(Requirement): Using the records below, find how many lines hold the word "Part" and reply with only that number.

*** Opening Data supplied ***

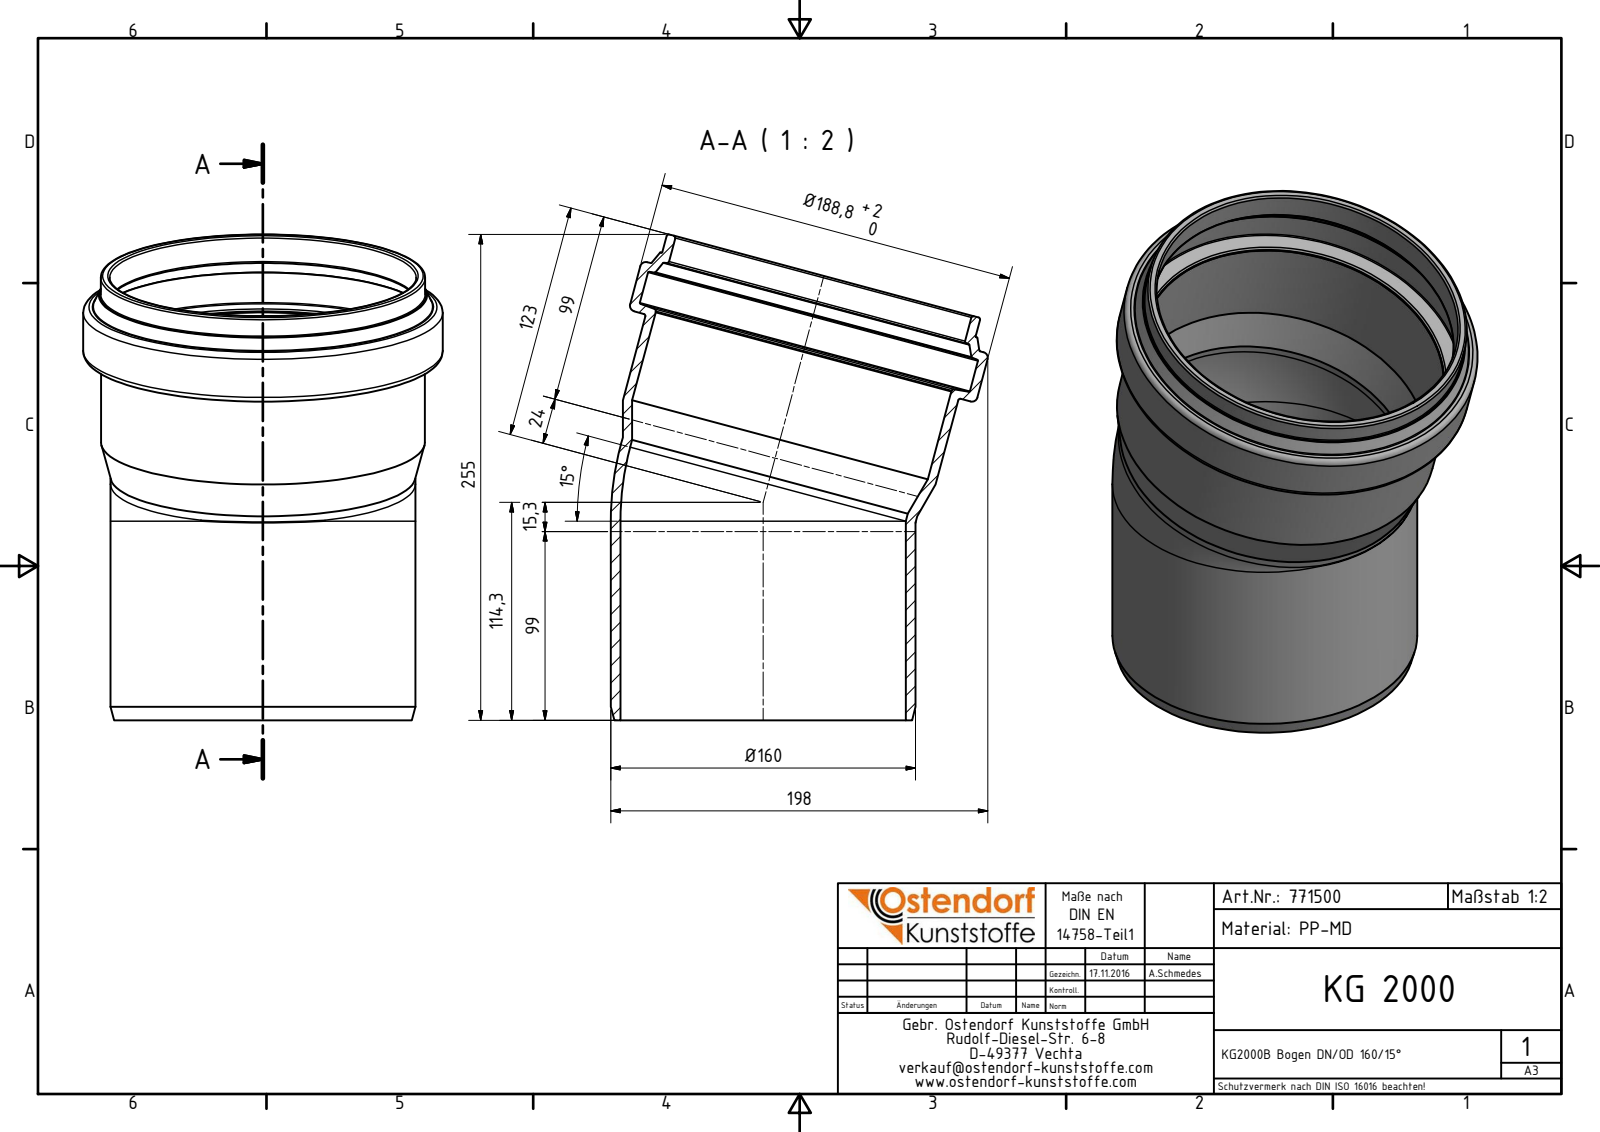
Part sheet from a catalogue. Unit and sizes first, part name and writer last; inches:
Units: inches
Overall size (bounding box): 10.039 × 7.795 × 7.433
Round holes (diameter × count): ⌀5.902 ×2, ⌀6.339 ×2, ⌀6.327 ×1, ⌀7.063 ×1
Round bosses / shafts (diameter × count): ⌀6.303 ×2, ⌀7.433 ×1, ⌀6.709 ×1, ⌀6.697 ×1
Main face-to-face distances: 1.721, 1.051, 0.67, 1.315, 0.264, 0.406, 0.096, 0.955, 1.219, 1.625
Volume: 37.99 in³ · Surface area: 402.1 in²
Bodies: 1 solid, 42 faces (6 planar, 11 cylindrical, 25 other)
Part name (STEP PRODUCT): 771500 KG2000B Bogen DN_OD 160_15°
STEP written by: Autodesk Inventor 2016 (AUTOMOTIVE_DESIGN)

*** Closing Data supplied ***

(Result for this exercise): 2